Ahead of the 1997–98 season Eastern Counties 4 was split into two regional divisions - north and south - with both divisions remaining as tier 11 leagues.  Promotion continued to Eastern Counties 3 - now also regionalised into north and south divisions - while the cancellation of Eastern Counties 5 at the end of the 1996–97 season meant there was no relegation.  At the end of the 1999–00 season Eastern Counties 4 was cancelled and the majority of teams transferred into Eastern Counties 3.
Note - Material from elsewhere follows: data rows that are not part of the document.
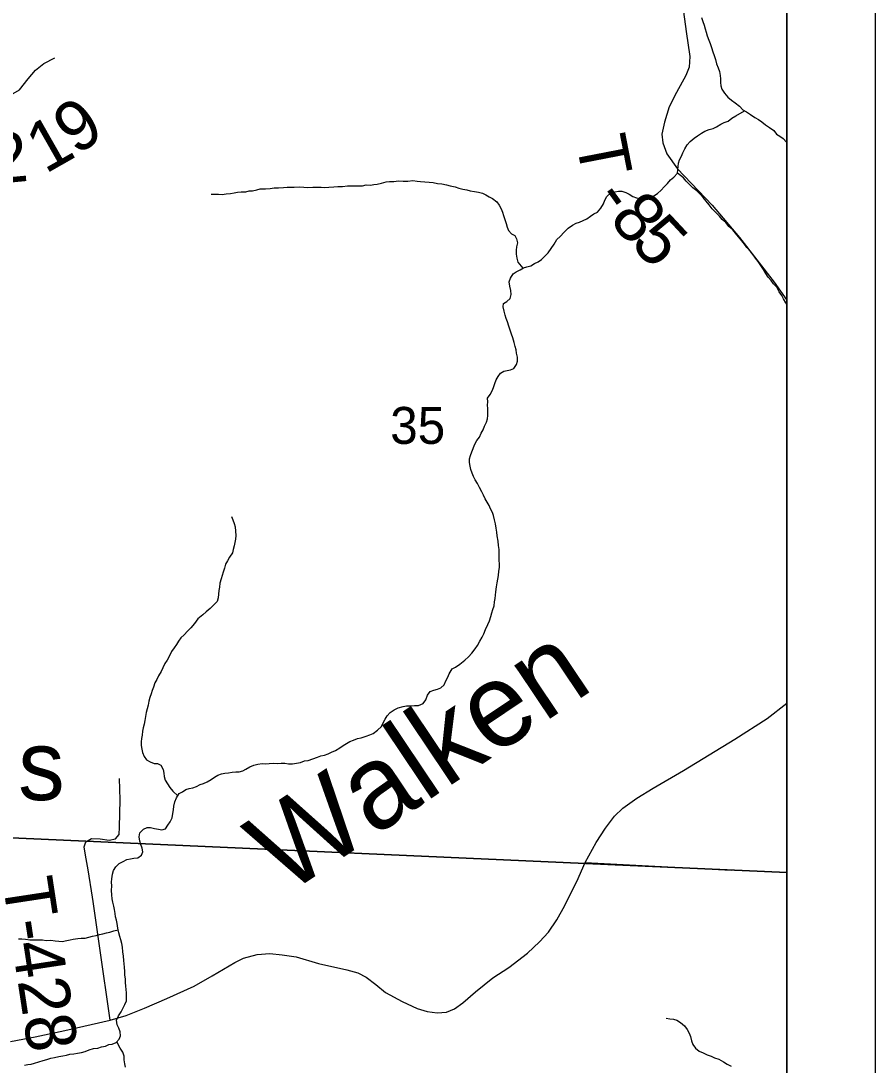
# Model space of a CAD drawing. Extents: x -20.2 to 34, y 0 to 22.
# Drawn here: x 8.033 to 9, y 16.636 to 17.818 of the extents above; entities that cross this region are included whole.
import ezdxf

# ---------------------------------------------------------------- set-up
doc = ezdxf.new("R2010")
doc.units = 0
for name, color, linetype in [('Default', 7, 'Continuous'), ('GM_X_County_Road', 7, 'Continuous'), ('GM_X_Minor_River', 7, 'Continuous'), ('GM_X_Minor_River_Text', 7, 'Continuous'), ('GM_X_Section_Text', 7, 'Continuous'), ('GM_X_Township_Road', 7, 'Continuous'), ('GM_X_Township_Road_Text', 7, 'Continuous'), ('GM_X_Unincorporated_Text', 7, 'Continuous'), ('SH_Cut_Line', 7, 'Continuous'), ('SH_Data', 7, 'Continuous')]:
    doc.layers.add(name, color=color, linetype=linetype)

msp = doc.modelspace()

# ---------------------------------------------------------------- linework, layer by layer
at = {"layer": 'Default'}
msp.add_lwpolyline([(8.9, 14.8176), (8.9, 20.9), (8.1508, 20.9), (8.1316, 20.5548), (8.0709, 19.4522), (8.0485, 19.0914), (8.043, 18.9097), (7.8072, 18.9199), (7.5395, 18.9382), (7.3871, 18.9465), (6.5332, 18.9927), (5.9006, 19.026), (5.871, 18.5384), (5.8069, 17.4844), (5.7831, 17.2483), (5.7812, 17.1527), (5.7368, 16.4206)], dxfattribs=at)
for points in [[(8.9, 16.8537), (8.9, 17.8451), (7.9819, 17.9077), (7.92, 16.8975)], [(8.9, 15.8211), (8.9, 16.8537), (7.92, 16.8975), (7.8624, 15.8798)]]:
    msp.add_lwpolyline(points, close=True, dxfattribs=at)
at = {"layer": 'GM_X_County_Road'}
msp.add_lwpolyline([(8.0207, 16.6622), (8.0486, 16.6675), (8.0822, 16.675), (8.1338, 16.6867), (8.1516, 16.6918), (8.1725, 16.7002), (8.1979, 16.711), (8.2287, 16.7249), (8.2491, 16.7367), (8.2748, 16.7518), (8.2846, 16.7569), (8.3002, 16.7609), (8.3146, 16.7621), (8.3285, 16.7605), (8.3441, 16.7581), (8.3694, 16.7508), (8.4018, 16.7434), (8.4143, 16.74), (8.4234, 16.7352), (8.4347, 16.7268), (8.4455, 16.718), (8.4644, 16.7075), (8.4812, 16.6997), (8.4928, 16.6963), (8.5038, 16.6949), (8.5144, 16.6956), (8.5235, 16.6992), (8.5331, 16.7062), (8.5473, 16.7187), (8.567, 16.7343), (8.5852, 16.7463), (8.6063, 16.7626), (8.6198, 16.7751), (8.6301, 16.7864), (8.6397, 16.8001), (8.6486, 16.8164), (8.6551, 16.8298), (8.662, 16.8435), (8.6716, 16.8651), (8.6841, 16.8879), (8.6947, 16.904), (8.705, 16.9175), (8.7144, 16.9268), (8.73, 16.9381), (8.7487, 16.9494), (8.7828, 16.9693), (8.8412, 17.0049), (8.8777, 17.0282), (8.9, 17.0457)], dxfattribs=at)
at = {"layer": 'GM_X_Minor_River'}
for points in [[(8.8032, 17.8224), (8.8047, 17.8179), (8.8063, 17.8137), (8.8075, 17.8096), (8.8087, 17.8058), (8.8099, 17.8016), (8.8115, 17.7967), (8.813, 17.7929), (8.8146, 17.7884), (8.8162, 17.7835), (8.8177, 17.7793), (8.8193, 17.7748), (8.8205, 17.7698), (8.8221, 17.7653), (8.8236, 17.7611)], [(8.8236, 17.7611), (8.8244, 17.7566), (8.8249, 17.7528), (8.8249, 17.7486), (8.8253, 17.7448), (8.8265, 17.741), (8.8296, 17.7365), (8.8331, 17.732), (8.8373, 17.7286), (8.8415, 17.7257), (8.8465, 17.7219), (8.85, 17.7178), (8.8545, 17.7156), (8.8588, 17.7126), (8.8637, 17.7092), (8.8679, 17.7066), (8.8718, 17.704), (8.876, 17.7006), (8.8802, 17.6976), (8.8852, 17.6943), (8.8882, 17.6901), (8.8921, 17.6879), (8.8959, 17.6853), (8.8997, 17.6812), (8.9, 17.681)], [(8.786, 17.6368), (8.7829, 17.6406), (8.776, 17.6458), (8.7774, 17.6572), (8.7785, 17.661), (8.7807, 17.6652), (8.7822, 17.6691), (8.7844, 17.6736), (8.787, 17.6779), (8.7904, 17.6817), (8.7949, 17.6856), (8.7987, 17.6883), (8.8032, 17.6914), (8.8073, 17.6937), (8.8119, 17.6956), (8.8164, 17.6965), (8.8202, 17.6984), (8.8251, 17.7015), (8.8292, 17.7035), (8.8334, 17.705), (8.8379, 17.7081), (8.8424, 17.7108), (8.8522, 17.7167)], [(8.2479, 17.6221), (8.2525, 17.6221), (8.2563, 17.6222), (8.2605, 17.6218), (8.265, 17.6227), (8.2699, 17.6231), (8.2741, 17.6235), (8.2779, 17.6243), (8.2821, 17.6248), (8.2874, 17.6248), (8.2912, 17.626), (8.2949, 17.6261), (8.2999, 17.6269), (8.3037, 17.6281), (8.3097, 17.6282), (8.3147, 17.6286), (8.3192, 17.6294), (8.3241, 17.6295), (8.3298, 17.6299), (8.334, 17.63), (8.3382, 17.63), (8.342, 17.6301), (8.3477, 17.6305), (8.353, 17.6302), (8.3575, 17.6299), (8.3632, 17.63), (8.3685, 17.63), (8.3727, 17.6301), (8.3769, 17.6298), (8.3811, 17.6302), (8.3871, 17.6303), (8.3913, 17.6307), (8.3966, 17.6308), (8.4023, 17.6316), (8.4061, 17.6317), (8.4107, 17.6317), (8.4156, 17.6318), (8.4194, 17.6318), (8.4235, 17.6326), (8.4285, 17.6323), (8.4323, 17.6331), (8.4361, 17.6336), (8.441, 17.6348), (8.4463, 17.636), (8.4501, 17.6364), (8.455, 17.6365), (8.4603, 17.6373), (8.4653, 17.637), (8.4709, 17.637), (8.4763, 17.6375), (8.4812, 17.6368), (8.485, 17.6364), (8.4899, 17.6361), (8.4949, 17.6358), (8.4994, 17.6355), (8.5044, 17.6344), (8.5093, 17.6337), (8.5146, 17.6326), (8.5188, 17.6316), (8.5245, 17.6305), (8.5284, 17.629), (8.5329, 17.6279), (8.5375, 17.6272), (8.5413, 17.6261), (8.5462, 17.6251), (8.5508, 17.6244), (8.5554, 17.6233), (8.5592, 17.6214), (8.563, 17.6192), (8.5668, 17.6173), (8.5714, 17.6136), (8.5741, 17.6098), (8.5765, 17.6057), (8.578, 17.6019), (8.5792, 17.5981), (8.5808, 17.5936), (8.582, 17.589), (8.5832, 17.5849), (8.5847, 17.5811), (8.5882, 17.5773), (8.592, 17.5755), (8.5939, 17.5717), (8.5948, 17.5672), (8.594, 17.5626), (8.5933, 17.5588), (8.5934, 17.5542), (8.5942, 17.5497), (8.5954, 17.5451), (8.601, 17.5382)], [(8.6223, 17.5481), (8.6261, 17.552), (8.6298, 17.5558), (8.6332, 17.5608), (8.6365, 17.5654), (8.6395, 17.5708), (8.6433, 17.5742), (8.6478, 17.5792), (8.6523, 17.5835), (8.6572, 17.5869), (8.6613, 17.5893), (8.6651, 17.5905), (8.6692, 17.5924), (8.6734, 17.5944), (8.6775, 17.5971), (8.6813, 17.5998), (8.6854, 17.6017), (8.6892, 17.6063), (8.6922, 17.6113), (8.694, 17.6155), (8.6962, 17.6197), (8.7008, 17.6236), (8.7053, 17.6248), (8.7095, 17.6256), (8.7133, 17.6256), (8.7178, 17.6242), (8.7216, 17.6223), (8.7255, 17.6197), (8.7297, 17.6179), (8.7339, 17.6168), (8.7377, 17.6164), (8.7414, 17.6176), (8.7452, 17.6181), (8.7494, 17.6204), (8.7535, 17.6231), (8.7577, 17.6266), (8.761, 17.6304), (8.7648, 17.6343), (8.7681, 17.6385), (8.7719, 17.6416), (8.776, 17.6458)], [(8.9, 17.4969), (8.8988, 17.4992), (8.8961, 17.5037), (8.8942, 17.5075), (8.8915, 17.5116), (8.8888, 17.5169), (8.8849, 17.5207), (8.8822, 17.5244), (8.8788, 17.5282), (8.8764, 17.5323), (8.8737, 17.5369), (8.8706, 17.5414), (8.8675, 17.5459), (8.8645, 17.5497), (8.8618, 17.5534), (8.8587, 17.5572), (8.8548, 17.5617), (8.8521, 17.5655), (8.849, 17.5692), (8.8452, 17.5737), (8.8417, 17.5779), (8.8387, 17.5816), (8.8344, 17.5857), (8.831, 17.5899), (8.8267, 17.5933), (8.8237, 17.5974), (8.8198, 17.6011), (8.8156, 17.6056), (8.8121, 17.6102), (8.8087, 17.6143), (8.8052, 17.6184), (8.8017, 17.6222), (8.7979, 17.6259), (8.7937, 17.6293), (8.7898, 17.6331), (8.786, 17.6368)], [(8.567, 17.1516), (8.5685, 17.1558), (8.5688, 17.1603), (8.5695, 17.1641), (8.5702, 17.1679), (8.5705, 17.1718), (8.5712, 17.1775), (8.5719, 17.182), (8.5727, 17.1862), (8.5734, 17.1904), (8.5737, 17.1953), (8.5744, 17.1992), (8.5744, 17.203), (8.5743, 17.2075), (8.5742, 17.2143), (8.5742, 17.2197), (8.5733, 17.2242), (8.5729, 17.2291), (8.5721, 17.2352), (8.5717, 17.2394), (8.5708, 17.2439), (8.57, 17.2489), (8.5688, 17.2534), (8.5676, 17.258), (8.5668, 17.2617), (8.5645, 17.2659), (8.5629, 17.2697), (8.5606, 17.2734), (8.5583, 17.2772), (8.5564, 17.2814), (8.5544, 17.2851), (8.5521, 17.29), (8.5497, 17.2946), (8.547, 17.2987), (8.5451, 17.3025), (8.5435, 17.3063), (8.5423, 17.3104), (8.5412, 17.3142), (8.5407, 17.3184), (8.5407, 17.3222), (8.5418, 17.326), (8.5433, 17.3302), (8.5447, 17.334), (8.5462, 17.3382), (8.5488, 17.3432), (8.5518, 17.347), (8.554, 17.3516), (8.5562, 17.3554), (8.5577, 17.3593), (8.5599, 17.3638), (8.561, 17.3677), (8.5614, 17.3715), (8.5613, 17.3753), (8.5613, 17.3794), (8.5609, 17.3832), (8.5612, 17.387), (8.5611, 17.3912), (8.5641, 17.3954), (8.5664, 17.3993), (8.5678, 17.4031), (8.5693, 17.4077), (8.5708, 17.4119), (8.573, 17.4157), (8.5756, 17.4195), (8.5794, 17.4215), (8.5832, 17.4226), (8.587, 17.4231), (8.5907, 17.4246), (8.5937, 17.4292), (8.5948, 17.4331), (8.5948, 17.4376), (8.5939, 17.4422), (8.5935, 17.4459), (8.5923, 17.4497), (8.5911, 17.4543), (8.5896, 17.4596), (8.588, 17.4637), (8.5868, 17.4683), (8.5852, 17.4728), (8.5837, 17.4774), (8.5821, 17.4815), (8.5809, 17.4853), (8.5797, 17.4898), (8.5789, 17.4944), (8.5792, 17.4982), (8.583, 17.5005), (8.5868, 17.504), (8.5878, 17.5086), (8.5874, 17.5131), (8.5862, 17.518), (8.5854, 17.523), (8.5869, 17.5272), (8.5899, 17.5318), (8.5936, 17.5341), (8.5981, 17.5364), (8.6019, 17.5388), (8.6057, 17.5399), (8.6099, 17.5411), (8.6144, 17.5435), (8.6185, 17.5454), (8.6223, 17.5481)], [(8.2712, 17.2569), (8.2724, 17.2531), (8.2739, 17.2493), (8.2751, 17.2452), (8.2756, 17.2406), (8.276, 17.2357), (8.2757, 17.2315), (8.275, 17.2277), (8.2742, 17.2239), (8.2731, 17.2197), (8.2721, 17.2159), (8.2687, 17.2109), (8.2665, 17.2067), (8.2642, 17.2029), (8.2631, 17.1987), (8.2617, 17.1941), (8.2606, 17.1903), (8.2595, 17.1865), (8.258, 17.1815), (8.2573, 17.1769), (8.2566, 17.1731), (8.2563, 17.1689), (8.256, 17.1648), (8.2549, 17.1609), (8.2511, 17.1571), (8.247, 17.1529), (8.2425, 17.149), (8.2387, 17.1455), (8.2331, 17.1413), (8.229, 17.1359), (8.2248, 17.1309), (8.2211, 17.1271), (8.2173, 17.1232), (8.2136, 17.1198), (8.211, 17.1159), (8.2087, 17.1121), (8.2061, 17.1083), (8.2031, 17.1041), (8.2009, 17.0991), (8.1983, 17.0945), (8.1957, 17.0907), (8.1931, 17.0857), (8.1913, 17.0815), (8.1883, 17.0765), (8.1864, 17.0723), (8.1842, 17.0685), (8.1827, 17.0639), (8.1813, 17.0601), (8.1802, 17.0563), (8.1787, 17.0521), (8.1776, 17.0479), (8.1765, 17.0433), (8.1754, 17.0391), (8.1743, 17.035), (8.1736, 17.0304), (8.1729, 17.0258), (8.1722, 17.022), (8.1711, 17.0178), (8.1704, 17.014), (8.1697, 17.0094), (8.169, 17.0056), (8.1687, 17.0018), (8.1687, 16.9977), (8.1695, 16.9935), (8.1703, 16.9897), (8.1723, 16.9852), (8.1746, 16.9814), (8.1788, 16.9792), (8.1834, 16.9773), (8.1872, 16.9774), (8.191, 16.9755), (8.1937, 16.9706), (8.1945, 16.9665), (8.1949, 16.9627), (8.1961, 16.9585), (8.1984, 16.9543), (8.2011, 16.9502), (8.2046, 16.9461), (8.2102, 16.9406)], [(8.2016, 16.9111), (8.2038, 16.9157), (8.2045, 16.9206), (8.2052, 16.9248), (8.2056, 16.929), (8.207, 16.9339), (8.2089, 16.9385), (8.2119, 16.9431), (8.2156, 16.9451), (8.2194, 16.9478), (8.2232, 16.949), (8.2273, 16.9498), (8.2315, 16.9513), (8.2357, 16.9533), (8.2394, 16.9545), (8.2436, 16.9564), (8.2481, 16.9592), (8.2519, 16.9619), (8.2556, 16.9642), (8.2598, 16.9654), (8.2636, 16.9662), (8.2678, 16.9666), (8.2719, 16.9674), (8.2761, 16.9679), (8.2799, 16.9679), (8.2837, 16.9691), (8.2874, 16.9707), (8.292, 16.9734), (8.2965, 16.9753), (8.3007, 16.9765), (8.3056, 16.9773), (8.3098, 16.977), (8.3136, 16.9774), (8.3181, 16.9775), (8.3227, 16.9772), (8.3272, 16.9776), (8.3314, 16.9777), (8.3356, 16.977), (8.3401, 16.977), (8.3447, 16.9778), (8.3492, 16.9783), (8.3538, 16.9802), (8.3579, 16.9807), (8.3632, 16.9826), (8.3685, 16.9846), (8.3723, 16.9858), (8.3765, 16.9866), (8.3806, 16.9882), (8.3844, 16.9901), (8.3889, 16.9921), (8.3938, 16.9952), (8.3976, 16.9975), (8.4014, 16.9998), (8.4051, 17.0021), (8.4093, 17.0037), (8.4138, 17.0057), (8.418, 17.0065), (8.4237, 17.0081), (8.4278, 17.0097), (8.4316, 17.0112), (8.4365, 17.0151), (8.441, 17.0193), (8.4428, 17.0235), (8.4451, 17.0273), (8.4473, 17.0312), (8.4507, 17.035), (8.4552, 17.0381), (8.4597, 17.0404), (8.4654, 17.042), (8.4692, 17.0425), (8.4741, 17.0425), (8.4783, 17.043), (8.4829, 17.043), (8.4881, 17.0454), (8.4911, 17.0492), (8.493, 17.0545), (8.496, 17.0588), (8.5001, 17.0603), (8.5043, 17.0615), (8.508, 17.0631), (8.5118, 17.0662), (8.5137, 17.0708), (8.5159, 17.075), (8.5177, 17.0788), (8.5211, 17.0845), (8.5249, 17.0865), (8.5298, 17.0896), (8.5354, 17.0942), (8.5395, 17.098), (8.5433, 17.1023), (8.547, 17.1073), (8.5496, 17.1111), (8.5522, 17.1157), (8.5548, 17.1203), (8.5567, 17.1241), (8.5589, 17.1291), (8.5615, 17.1348), (8.5633, 17.139), (8.5648, 17.1436), (8.5659, 17.1478), (8.567, 17.1516)], [(8.0367, 16.6355), (8.0405, 16.6363), (8.0442, 16.6368), (8.048, 16.638), (8.0529, 16.6395), (8.0579, 16.6407), (8.062, 16.6419), (8.0666, 16.6435), (8.0707, 16.6443), (8.0753, 16.6455), (8.0802, 16.6463), (8.084, 16.6468), (8.0878, 16.6479), (8.0923, 16.6484), (8.0965, 16.6492), (8.101, 16.65), (8.1052, 16.6512), (8.1097, 16.6528), (8.1146, 16.6544), (8.1196, 16.6548), (8.1237, 16.6564), (8.1283, 16.6572), (8.132, 16.6588), (8.1358, 16.6592), (8.1404, 16.6611), (8.1437, 16.665), (8.1452, 16.6688), (8.1448, 16.6734), (8.1436, 16.6775), (8.1417, 16.6813), (8.1408, 16.6866), (8.1431, 16.6916), (8.146, 16.6958), (8.1479, 16.6996), (8.1501, 16.7042), (8.152, 16.7084), (8.1523, 16.7133), (8.1522, 16.7175), (8.1518, 16.7213), (8.1514, 16.7251), (8.151, 16.7293), (8.1509, 16.7334), (8.1501, 16.7376), (8.1501, 16.7418), (8.15, 16.7467), (8.1496, 16.7505), (8.1492, 16.7543), (8.1487, 16.7589), (8.1479, 16.7638), (8.1475, 16.7691), (8.147, 16.7733), (8.1458, 16.7774), (8.1447, 16.7812), (8.1435, 16.7854), (8.1423, 16.7907), (8.1415, 16.796), (8.1407, 16.7998), (8.1398, 16.8036), (8.1394, 16.8074), (8.1386, 16.8119), (8.1378, 16.8157), (8.1366, 16.8202), (8.1358, 16.824), (8.1354, 16.8286), (8.1353, 16.8335), (8.1356, 16.8388), (8.1352, 16.843), (8.1355, 16.8468), (8.1362, 16.8518), (8.1373, 16.856), (8.1399, 16.8602), (8.1437, 16.864), (8.1482, 16.8664), (8.1524, 16.8687), (8.1565, 16.8691), (8.1603, 16.8699), (8.1649, 16.8704), (8.169, 16.8734), (8.1705, 16.8773), (8.1697, 16.8814), (8.1685, 16.8856), (8.1673, 16.8894), (8.1665, 16.8943), (8.1672, 16.8989), (8.1713, 16.9027), (8.1755, 16.9047), (8.1793, 16.9047), (8.1838, 16.9036), (8.1884, 16.9029), (8.1922, 16.9022), (8.1964, 16.9034), (8.199, 16.9073), (8.2016, 16.9111)], [(8.0919, 16.7783), (8.0969, 16.7791), (8.1007, 16.7795), (8.1052, 16.7796), (8.1094, 16.7804), (8.1135, 16.7816), (8.1177, 16.7824), (8.1215, 16.7836), (8.1253, 16.7844), (8.1294, 16.7856), (8.1332, 16.7864), (8.1378, 16.7876), (8.1427, 16.7889)], [(8.0297, 16.7786), (8.0335, 16.7787), (8.0377, 16.7784), (8.0426, 16.7777), (8.0479, 16.7777), (8.0525, 16.7774), (8.057, 16.7775), (8.0612, 16.7768), (8.0665, 16.7772), (8.0715, 16.7765), (8.0753, 16.7762), (8.0791, 16.7758), (8.0844, 16.7767), (8.0882, 16.7775), (8.0919, 16.7783)], [(8.7633, 16.6887), (8.7675, 16.688), (8.7717, 16.6877), (8.7755, 16.6866), (8.7797, 16.684), (8.7843, 16.6802), (8.787, 16.6761), (8.7893, 16.6719), (8.7909, 16.6682), (8.7921, 16.6632), (8.7937, 16.6591), (8.7964, 16.6549), (8.8006, 16.6516), (8.8052, 16.6494), (8.8097, 16.6471), (8.8143, 16.6457), (8.8181, 16.6438), (8.8231, 16.6424), (8.8284, 16.6394), (8.8326, 16.6368), (8.8368, 16.6346)], [(8.1509, 16.6332), (8.1501, 16.637), (8.1493, 16.6415), (8.1493, 16.6457), (8.1481, 16.6502), (8.145, 16.6547), (8.1412, 16.6621)]]:
    msp.add_lwpolyline(points, dxfattribs=at)
at = {"layer": 'GM_X_Township_Road'}
msp.add_line((8.6716, 16.8651), (8.8371, 16.8565), dxfattribs=at)
for points in [[(8.7797, 17.8541), (8.7859, 17.8066), (8.79, 17.778), (8.7893, 17.766), (8.7855, 17.7567), (8.7751, 17.7372), (8.7667, 17.7211), (8.7614, 17.7036), (8.7586, 17.6901), (8.7595, 17.6805), (8.7641, 17.6678), (8.7763, 17.6508), (8.8155, 17.6097), (8.8464, 17.5732), (8.8858, 17.5225), (8.9, 17.5021)], [(7.9887, 17.7321), (8.009, 17.7329), (8.0212, 17.7346), (8.0309, 17.7404), (8.0408, 17.7529), (8.0492, 17.7628), (8.0586, 17.7703), (8.0711, 17.7767)], [(8.1136, 16.8257), (8.1086, 16.8567), (8.1057, 16.8733), (8.1043, 16.8827), (8.1062, 16.8887), (8.1124, 16.8925), (8.1223, 16.8918), (8.1324, 16.8904), (8.1398, 16.892), (8.1437, 16.8968), (8.1442, 16.9053), (8.1449, 16.9362), (8.1442, 16.9604)], [(8.1338, 16.6867), (8.122, 16.7681), (8.1144, 16.821), (8.1136, 16.8257)]]:
    msp.add_lwpolyline(points, dxfattribs=at)
at = {"layer": 'SH_Cut_Line'}
msp.add_lwpolyline([(5.7735, 14.1), (8.9, 14.1), (8.9, 20.9), (2.1, 20.9), (2.1, 14.1), (5.3953, 14.1), (5.7268, 14.1076)], close=True, dxfattribs=at)
at = {"layer": 'SH_Data'}
for p, q in [((9, 21), (9, 14)), ((8.9, 20.9), (8.9, 14.1))]:
    msp.add_line(p, q, dxfattribs=at)

# ---------------------------------------------------------------- texts
at = {"layer": 'GM_X_Minor_River_Text'}
msp.add_text('Walken', height=0.09469, rotation=33.8591, dxfattribs=at).set_placement((8.3325, 16.8271))
at = {"layer": 'GM_X_Section_Text'}
msp.add_text('35', height=0.04186, rotation=0, dxfattribs=at).set_placement((8.4508, 17.3393))
at = {"layer": 'GM_X_Township_Road_Text'}
for s, height, rotation, p in [('9', 0.0568, 35.2811, (8.0956, 17.6651)), ('1', 0.0568, 29.6464, (8.0601, 17.6446)), ('2', 0.0568, 5.4187, (8.0004, 17.6334)), ('T', 0.0568, 280.978, (8.6608, 17.6831)), ('-', 0.0568, 305.7765, (8.6795, 17.6169)), ('8', 0.0568, 312.0176, (8.6973, 17.5927)), ('5', 0.0568, 313.069, (8.7215, 17.5659)), ('T-428', 0.05682, 278.6789, (8.0115, 16.844))]:
    msp.add_text(s, height=height, rotation=rotation, dxfattribs=at).set_placement(p)
at = {"layer": 'GM_X_Unincorporated_Text'}
msp.add_text('Flatwoods', height=0.07898, rotation=0, dxfattribs=at).set_placement((7.6008, 16.9359))

doc.saveas('drawing.dxf')

Eastern Counties 4 (2014–2017)

After an absence of thirteen years, Eastern Counties 4 was re-introduced as a tier 12 league ahead of the 2014–15 season, split into two regional divisions - north and south.  Promotion was to one of the regional divisions in Eastern Counties 3 - north, south or west - and there was no relegation.  Eastern Counties 4 was cancelled for the second time at the end of the 2016–17 season.

Number of league titles

Haverhill & District (2)
Bancroft (1)
Beccles (1)
Billericay (1)
Brightlingsea (1)
Campion (1)
Colchester IV (1)
Fakenham II (1)
Felixstowe (1)
Hadleigh (1) 
Hadleigh II (1)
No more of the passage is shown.